When Sadiq Khan became London mayor this month, he described it as a victory for ‘hope over fear’, presenting himself as a harbinger of hope in contrast to Zac Goldsmith’s playing of the Islam-suspicious fear card. Bernie Sanders supporters hail him as the embodiment of hope, especially against Donald Trump. Sanders vs Trump is ‘hope vs fear’ says Robert Reich, a former official in the Clinton administration. The EU referendum is also talked up as an opportunity to choose hope over fear. One Lib Dem campaigner to Remain encourages pro-EU people to shelve fear and engage in ‘hope-mongering’. ‘Be positive’, he says.

It all sounds nice, all this hope, and it’s winning some hearts. We all remember the vast crowds that cheered Obama’s ‘audacity of hope’ in 2008 (though that movement fizzled out quickly when he became president). Khan is no Obama but he did manage to inspire Londoners to give him the largest direct electoral mandate in British history. Following years and years of fear, where politicians stopped engaging with us as rational creatures who could think politically and instead tried to terrify us into voting for them on the basis that if we didn’t then the environment / national security / public health would be destroyed, people clearly want something different; something less nightmarish.

And yet, the politics of hope isn’t all it’s cracked up to be. In fact, the politics of fear and the politics of hope can be seen as two sides of the same coin. Both presuppose the passivity of the public. Both suggest our role is no longer to use reason or passion to shape politics, to determine the political future as we see fit, but rather to respond emotionally to political externalities, to what already exists, to what is being done around us — whether that’s by fearing that the outcome of these events will be bad or hoping it will be good. Hope vs fear is no choice at all, since both reduce the electorate to passive emoters in response to world events: the hopeful believing these events will turn out okay, the fearful fretting that they won’t.

The first reason we should be wary of the politics of hope is that its supposed practitioners haven’t actually turned their backs on the politics of fear. Far from it. Consider how many of these ‘hope-mongers’ peddle climate-change alarmism, the most catastrophic wing of modern fearmongering. Sanders says that if we don’t do something about climate change — that is, if we don’t elect someone like him — then we’ll fall victim to ‘catastrophic effects… like floods, hurricanes and other extreme weather’. This is undiluted fearmongering: follow my agenda or there will be pestilence and horror.

Khan presented himself as the mayor who will keep Londoners safe from both climate catastrophe and Islamist extremism. Even as he slammed Zac’s Islamo-panicmongering, he did some of his own, suggesting that only he, a Muslim, could really keep mad violence at bay. Scared? Support Sadiq. As for pro-EU campaigners trying to present themselves as the voice of hope — do us a favour. With their doom-laden predictions of a return of fascism, depression and war if Brits leave the EU, these hope-mongers are really world-beaters in the peddling of fear. Fear is the death star of 21st-century Western politics: it sucks everyone into its orbit.

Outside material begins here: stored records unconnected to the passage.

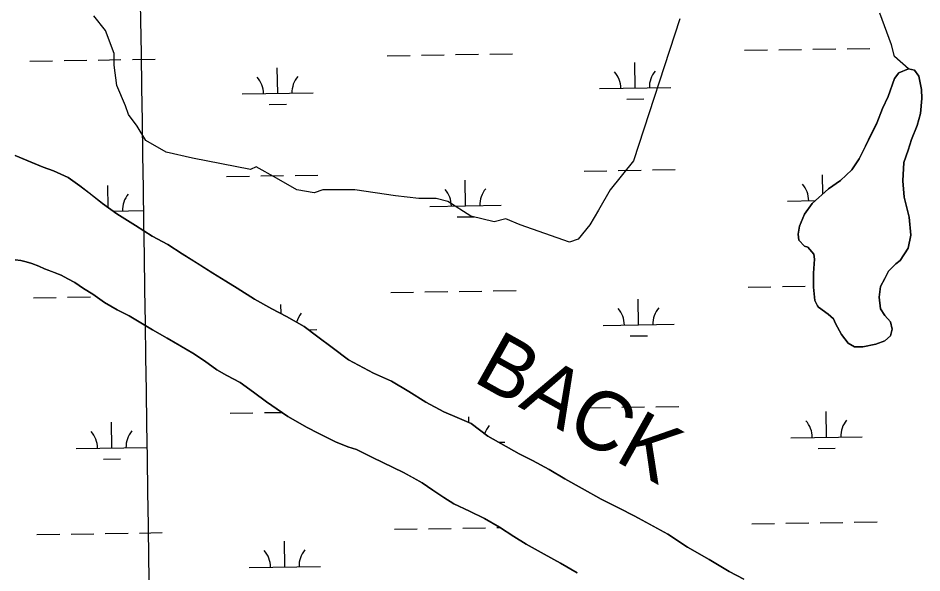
# Model space of a CAD drawing. Extents: x 3807117 to 3845308, y 337856 to 363736.
# Drawn here: x 3826910 to 3828179, y 355901 to 356681 of the extents above; entities that cross this region are included whole.
import ezdxf

# ---------------------------------------------------------------- set-up
doc = ezdxf.new("R2010")
doc.units = 0
for name, color, linetype in [('V-GRID-MAJR', 7, 'Continuous'), ('V-RIVR-IDEN', 7, 'Continuous'), ('V-TOPO-SHOR', 7, 'Continuous'), ('V-WETL-SWMP', 7, 'Continuous')]:
    doc.layers.add(name, color=color, linetype=linetype)

msp = doc.modelspace()

# ---------------------------------------------------------------- linework, layer by layer
at = {"layer": 'V-GRID-MAJR'}
msp.add_spline([(3827279.7490000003, 343519.83400000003), (3827189.006, 349576.481), (3827098.2120000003, 355636.598), (3827007.418, 361696.713), (3827007.366, 361700.18200000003)], degree=3, dxfattribs=at)
at = {"layer": 'V-TOPO-SHOR'}
for points in [[(3827839.4147388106, 356679.8381328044), (3827774.232319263, 356480.2169729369), (3827741.641109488, 356439.47796071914), (3827725.3455046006, 356410.9606521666), (3827713.1238009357, 356390.5911460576), (3827696.8281960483, 356370.2216399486), (3827684.606492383, 356366.14773872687), (3827615.350171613, 356390.5911460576), (3827594.9806655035, 356398.7389485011), (3827578.6850606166, 356394.6650472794), (3827546.0938508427, 356402.81284972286), (3827513.502641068, 356423.18235583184), (3827497.2070361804, 356427.25625705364), (3827472.76362885, 356427.25625705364), (3827440.172419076, 356431.3301582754), (3827383.1378019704, 356439.47796071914), (3827338.324888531, 356439.47796071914), (3827326.1031848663, 356435.40405949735), (3827301.659777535, 356439.47796071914), (3827273.142468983, 356455.7735656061), (3827244.62516043, 356472.0691704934), (3827236.4773579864, 356467.9952692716), (3827154.999333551, 356484.2908741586), (3827118.334222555, 356492.4386766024), (3827089.8169140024, 356508.7342814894), (3827077.5952103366, 356529.1037875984), (3827065.373506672, 356545.3993924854), (3827061.2996054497, 356557.6210961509), (3827049.0779017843, 356586.1384047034), (3827045.0040005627, 356614.65571325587), (3827045.0040005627, 356630.9513181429), (3827032.7822968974, 356663.54252791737), (3827016.48669201, 356683.9120340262)], [(3828160.716, 356609.613), (3828140.883429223, 356626.87741692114), (3828136.809528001, 356643.1730218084), (3828120.5139231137, 356687.9859352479)], [(3828047.919, 356265.02), (3828034.269, 356274.88300000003), (3828032.972, 356276.847), (3828029.098, 356284.04600000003), (3828027.242, 356302.982), (3828027.346, 356322.55700000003), (3828028.758, 356342.125), (3828027.492, 356349.31200000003), (3828019.062, 356359.14400000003), (3828014.501, 356360.47500000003), (3828006.717, 356368.999), (3828005.457, 356377.49), (3828007.475, 356388.574), (3828014.745, 356405.501), (3828025.268, 356420.451), (3828048.22, 356441.21), (3828065.2490000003, 356452.863), (3828080.99, 356467.787), (3828091.5160000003, 356483.39), (3828100.093, 356500.96400000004), (3828108.673, 356518.536), (3828115.931, 356533.507), (3828123.8710000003, 356553.692), (3828131.794, 356570.617), (3828141.068, 356596.016), (3828146.9820000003, 356603.815), (3828160.716, 356609.613), (3828169.191, 356607.61), (3828175.018, 356599.094), (3828178.833, 356580.80100000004), (3828179.415, 356567.74700000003), (3828177.344, 356546.878), (3828172.685, 356529.935), (3828164.7490000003, 356510.401), (3828160.1, 356495.418), (3828154.132, 356477.832), (3828152.688, 356452.39), (3828154.521, 356429.54), (3828161.548, 356401.444), (3828164.022, 356375.981), (3828160.008, 356357.729), (3828148.8170000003, 356340.172), (3828142.921, 356335.635), (3828132.423, 356325.252), (3828127.148, 356314.84), (3828121.214, 356303.777), (3828119.1750000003, 356288.779), (3828121.045, 356272.454), (3828127.52, 356263.286), (3828135.3030000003, 356254.106), (3828137.8540000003, 356243.651), (3828135.196, 356234.532), (3828127.326, 356227.39400000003), (3828114.903, 356222.895), (3828096.612, 356219.077), (3828084.865, 356219.143), (3828075.757, 356224.41000000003), (3828066.686, 356236.207), (3828058.288, 356251.913), (3828055.06, 356258.456), (3828047.919, 356265.02)], [(3826906.341, 356487.853), (3826929.688, 356477.97500000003), (3826945.644, 356471.25800000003), (3826960.048, 356466.109), (3826980.671, 356457.026), (3826996.987, 356445.238), (3827011.747, 356433.847), (3827028.838, 356420.492), (3827049.039, 356405.953), (3827075.0840000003, 356389.43), (3827098.404, 356374.484), (3827120.572, 356362.663), (3827140.784, 356349.68), (3827160.219, 356337.485), (3827183.931, 356322.534), (3827202.199, 356311.127), (3827217.752, 356301.681), (3827242.237, 356285.947), (3827266.347, 356272.555), (3827287.3510000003, 356261.52), (3827311.847, 356247.737), (3827331.27, 356233.2), (3827351.47, 356217.879), (3827374.3910000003, 356200.983), (3827409.3910000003, 356182.072), (3827434.682, 356170.626), (3827458.787, 356156.454), (3827482.886, 356141.112), (3827508.164, 356127.71400000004), (3827526.844, 356119.813), (3827546.3000000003, 356111.125), (3827569.995, 356093.447), (3827613.935, 356068.635), (3827632.6070000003, 356059.174), (3827655.94, 356046.566), (3827678.1010000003, 356033.576), (3827702.208, 356019.795), (3827729.043, 356005.217), (3827754.323, 355992.21), (3827775.328, 355981.565)], [(3826905.9620000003, 356341.21), (3826914.185, 356340.38300000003), (3826921.617, 356338.384), (3826929.436, 356335.992), (3826939.2090000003, 356332.414), (3826947.416, 356328.842), (3826957.58, 356324.871), (3826970.869, 356319.708), (3826980.2430000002, 356314.565), (3826990.006, 356309.42100000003), (3827002.103, 356301.129), (3827014.985, 356292.832), (3827031.375, 356281.386), (3827049.336, 356271.105), (3827066.132, 356262.397), (3827082.532, 356252.906), (3827098.931, 356243.025), (3827119.628, 356231.163), (3827137.198, 356220.884), (3827155.5500000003, 356210.208), (3827171.9420000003, 356199.15), (3827189.11, 356186.916), (3827203.559, 356178.61100000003), (3827221.913, 356168.719), (3827240.642, 356155.30100000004), (3827258.98, 356141.884), (3827272.6380000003, 356132.408), (3827289.028, 356120.962), (3827315.974, 356105.93200000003), (3827331.596, 356097.621), (3827355.815, 356085.347), (3827373.406, 356078.593), (3827385.526, 356074.612), (3827407.794, 356063.52400000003), (3827451.549, 356042.526), (3827462.875, 356036.197), (3827477.714, 356027.891), (3827492.542, 356017.628), (3827508.156, 356007.357), (3827522.2090000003, 355998.666), (3827544.088, 355988.362), (3827565.182, 355977.67100000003), (3827586.271, 355965.80700000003), (3827606.566, 355952.381), (3827623.7430000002, 355941.711), (3827649.128, 355927.864), (3827671.779, 355915.207), (3827695.2060000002, 355901.371)], [(3827775.328, 355981.565), (3827798.663, 355968.957), (3827822.774, 355955.957), (3827850.366, 355937.47500000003), (3827880.6950000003, 355920.14900000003), (3827908.6890000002, 355903.618), (3827929.301, 355892.583)]]:
    msp.add_lwpolyline(points, dxfattribs=at)
at = {"layer": 'V-WETL-SWMP'}
for p, q in [((3827428.6164234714, 356628.1019231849), (3827460.6128323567, 356628.58129977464)), ((3827476.6110367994, 356628.8209880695), (3827508.6074456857, 356629.3003646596)), ((3827524.6056501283, 356629.5400529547), (3827556.6020590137, 356630.0194295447)), ((3827572.6002634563, 356630.25911783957), (3827604.596672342, 356630.7384944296)), ((3827930.4680981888, 356635.6207652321), (3827962.4645070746, 356636.1001418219)), ((3827978.4627115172, 356636.3398301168), (3828010.459120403, 356636.8192067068)), ((3828026.4573248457, 356637.0588950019), (3828058.4537337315, 356637.5382715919)), ((3828074.451938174, 356637.7779598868), (3828106.44834706, 356638.2573364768)), ((3826926.7647487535, 356620.5830811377), (3826958.7611576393, 356621.06245772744)), ((3826974.759362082, 356621.3021460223), (3827006.7557709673, 356621.7815226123)), ((3827022.7539754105, 356622.0212109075), (3827054.750384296, 356622.5005874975)), ((3827070.748588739, 356622.74027579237), (3827102.7449976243, 356623.21965238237)), ((3827776.6535882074, 356582.56859091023), (3827776.11428963, 356618.5645511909)), ((3827274.8019134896, 356575.049748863), (3827274.262614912, 356611.0457091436)), ((3828146.9821931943, 356603.8139728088), (3828141.0671932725, 356596.0159727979)), ((3828160.7171929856, 356609.6129728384), (3828146.9821931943, 356603.8139728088)), ((3828169.1901928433, 356607.6099728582), (3828160.7171929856, 356609.6129728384)), ((3828175.01719273, 356599.09497287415), (3828169.1901928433, 356607.6099728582)), ((3828141.0671932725, 356596.0159727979), (3828131.7941933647, 356570.615972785)), ((3828178.833192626, 356580.8019728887), (3828175.0171927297, 356599.09497287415)), ((3827726.6591993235, 356581.8195649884), (3827826.6479770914, 356583.31761683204)), ((3828179.415192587, 356567.7479728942), (3828178.833192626, 356580.8019728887)), ((3827224.8075246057, 356574.3007229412), (3827324.796302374, 356575.79877478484)), ((3827764.8860992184, 356566.95955626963), (3827788.883405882, 356567.31908871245)), ((3828131.7941933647, 356570.615972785), (3828123.8711934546, 356553.6919727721)), ((3828177.344192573, 356546.8779728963), (3828179.415192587, 356567.7479728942)), ((3827263.0344245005, 356559.44071422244), (3827287.0317311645, 356559.80024666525)), ((3828123.8711934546, 356553.6919727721), (3828115.9311935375, 356533.5059727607)), ((3828172.6851926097, 356529.9359728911), (3828177.3441925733, 356546.8779728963)), ((3828115.9311935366, 356533.5059727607), (3828091.5161938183, 356483.39097272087)), ((3828164.7481926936, 356510.4019728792), (3828172.6851926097, 356529.9359728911)), ((3828160.099192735, 356495.4189728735), (3828164.7481926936, 356510.4019728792)), ((3826945.6442123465, 356471.2579701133), (3826906.340213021, 356487.8519700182)), ((3828154.1311927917, 356477.83197286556), (3828160.099192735, 356495.4189728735)), ((3828091.5161938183, 356483.39097272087), (3828080.9901939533, 356467.7869727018)), ((3828152.688192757, 356452.38997287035), (3828154.1311927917, 356477.83197286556)), ((3826960.047212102, 356466.1099701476), (3826945.6442123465, 356471.2579701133)), ((3826980.6702117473, 356457.0269701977), (3826960.047212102, 356466.1099701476)), ((3827704.983057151, 356466.04985414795), (3827736.979466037, 356466.52923073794)), ((3827752.9776704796, 356466.7689190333), (3827784.974079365, 356467.2482956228)), ((3827800.972283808, 356467.4879839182), (3827832.968692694, 356467.96736050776)), ((3828080.9901939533, 356467.7869727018), (3828065.248194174, 356452.86297267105)), ((3826996.9882114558, 356445.23797023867), (3826980.6702117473, 356457.0269701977)), ((3827203.131382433, 356458.5310121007), (3827235.127791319, 356459.01038869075)), ((3827251.125995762, 356459.2500769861), (3827283.1224046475, 356459.7294535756)), ((3827299.1206090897, 356459.96914187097), (3827331.117017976, 356460.4485184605)), ((3827538.633350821, 356417.1223589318), (3827538.0940522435, 356453.1183192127)), ((3828040.3435145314, 356434.08647829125), (3828039.9457269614, 356460.6371612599)), ((3828065.248194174, 356452.86297267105), (3828048.219194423, 356441.20897263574)), ((3828154.522192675, 356429.54097288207), (3828152.688192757, 356452.38997287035)), ((3827028.837210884, 356420.49297031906), (3826996.9882114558, 356445.23797023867)), ((3827036.703345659, 356414.8317516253), (3827036.2423775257, 356445.5994771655)), ((3828048.219194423, 356441.20897263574), (3828025.2671947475, 356420.45197259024)), ((3827990.490636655, 356423.8921750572), (3828029.7211024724, 356424.47993373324)), ((3828161.5481924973, 356401.4429729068), (3828154.522192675, 356429.54097288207)), ((3827049.0402105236, 356405.95297036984), (3827028.837210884, 356420.49297031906)), ((3827488.6389619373, 356416.37333300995), (3827588.6277397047, 356417.8713848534)), ((3828025.2671947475, 356420.45197259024), (3828014.7451948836, 356405.4999725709)), ((3827043.821311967, 356409.70898611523), (3827086.7760649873, 356410.3525428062)), ((3827075.083210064, 356389.42997043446), (3827049.0402105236, 356405.95297036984)), ((3827526.8658618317, 356401.5133242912), (3827550.863168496, 356401.8728567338)), ((3828014.7451948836, 356405.4999725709), (3828007.475194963, 356388.57297255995)), ((3828164.0211923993, 356375.9799729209), (3828161.5481924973, 356401.4429729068)), ((3827098.404209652, 356374.4829704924), (3827075.083210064, 356389.42997043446)), ((3828007.475194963, 356388.57297255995), (3828005.45819497, 356377.48997255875)), ((3827120.5722092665, 356362.6619705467), (3827098.404209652, 356374.4829704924)), ((3828005.45819497, 356377.48997255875), (3828006.7171949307, 356368.99997256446)), ((3828160.007192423, 356357.7299729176), (3828164.0211923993, 356375.9799729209)), ((3827140.7842089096, 356349.680970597), (3827120.5722092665, 356362.661970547)), ((3828006.717194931, 356368.99997256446), (3828014.5011947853, 356360.474972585)), ((3828014.5011947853, 356360.47497258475), (3828019.062194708, 356359.1449725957)), ((3827183.931208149, 356322.53497070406), (3827140.7842089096, 356349.680970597)), ((3828019.062194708, 356359.1449725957), (3828027.492194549, 356349.3109726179)), ((3828027.4921945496, 356349.3109726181), (3828028.758194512, 356342.12597262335)), ((3828148.8181925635, 356340.17097289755), (3828160.007192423, 356357.7299729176)), ((3826914.185001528, 356340.3820043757), (3826905.9630018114, 356341.21000518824)), ((3826921.616001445, 356338.38400413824), (3826914.185001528, 356340.3820043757)), ((3826929.4370013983, 356335.991004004), (3826921.616001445, 356338.38400413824)), ((3826939.210001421, 356332.41300407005), (3826929.4370013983, 356335.991004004)), ((3828028.758194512, 356342.12597262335), (3828027.347194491, 356322.5569726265)), ((3828132.4241927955, 356325.25097286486), (3828142.921192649, 356335.6349728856)), ((3828142.921192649, 356335.6349728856), (3828148.8181925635, 356340.17097289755)), ((3826947.416001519, 356328.84300435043), (3826939.210001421, 356332.4130040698)), ((3826970.8690016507, 356319.7070047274), (3826947.416001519, 356328.84300435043)), ((3827202.200207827, 356311.12597074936), (3827183.931208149, 356322.53497070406)), ((3828027.3471944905, 356322.5569726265), (3828027.2411944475, 356302.9809726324)), ((3828127.1471928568, 356314.83897285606), (3828132.4241927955, 356325.25097286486)), ((3826980.24200191, 356314.56500547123), (3826970.8690016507, 356319.7070047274)), ((3826990.0060021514, 356309.4200061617), (3826980.24200191, 356314.56500547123)), ((3827002.104002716, 356301.12800778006), (3826990.0060021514, 356309.42000616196)), ((3827217.751207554, 356301.68097078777), (3827202.200207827, 356311.12597074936)), ((3828121.214192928, 356303.7769728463), (3828127.1471928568, 356314.83897285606)), ((3827014.985003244, 356292.8330092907), (3827002.104002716, 356301.12800778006)), ((3827242.238207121, 356285.94697084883), (3827217.751207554, 356301.68097078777)), ((3827529.589293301, 356296.9023838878), (3827561.5857021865, 356297.3817604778)), ((3827577.5839066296, 356297.62144877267), (3827609.580315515, 356298.10082536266)), ((3827935.4517413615, 356302.9830961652), (3827967.448150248, 356303.46247275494)), ((3827983.4463546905, 356303.7021610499), (3828015.442763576, 356304.1815376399)), ((3828027.2411944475, 356302.9809726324), (3828029.0971943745, 356284.04597264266)), ((3828119.1751929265, 356288.77997284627), (3828121.214192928, 356303.7769728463)), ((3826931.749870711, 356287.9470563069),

But more fundamentally, the politics of hope does nothing to challenge the way the politics of fear reduces the public to the level of emotional observers of political life, to waiters upon their fate. In fact it reproduces this decommissioning of the masses, only with a seemingly more positive spin. Historically, many philosophers were suspicious of the emotion of hope, at least when it was too heavily relied upon in the realm of public life, for the same reason that they frowned upon heightened fearfulness: because it was liable to induce moral idleness, a waiting around for public life to be improved on one’s behalf (or to get worse, if fear was your thing).

Ancient Greeks viewed hope in public life as an act of ‘projecting one’s wishes’, a facilitator of ‘false illusions’ (1). The Greek poet Hesiod said little positive could come from ‘the idle man who waits on empty hope’. In the Enlightenment period, too, hope was looked upon sceptically. Indeed, Spinoza (1632-1677), perhaps the most radical Enlightenment thinker, considered hope and fear to be interdependent. Both, he said, spring from doubt, and from a feeling that things are beyond our control: only one is a niggling ‘pleasure’ and the other a niggling ‘pain’. Hope, he said, is ‘an inconstant pleasure which has arisen from the image of a thing that is future or past, about whose outcome we are in doubt’; while fear is ‘an inconstant pain which has also arisen from the image of a thing that is doubtful’. He pointed out how easily hope can become fear, and vice versa. He said that when someone hopes that something will happen, he’s often fearful that it won’t; and when someone fears that something will happen, he often feels the relief of hope when it doesn’t. He wouldn’t have recognised Khan’s claim of ‘hope over fear’, since these emotions often exist side-by-side.

Most strikingly, Spinoza argued that the more enlightened people become, and the more confident they are about using their own mental and moral faculties to shape their lives and even public life, then the less reliant they are on hope, and the less vulnerable they are to fear. ‘The more we endeavour to live in accordance with the guidance of reason, the more we endeavour to depend less on hope and to free ourselves from fear, to control fortune as much as we can, and to direct our actions by the sure counsel of reason’, he wrote.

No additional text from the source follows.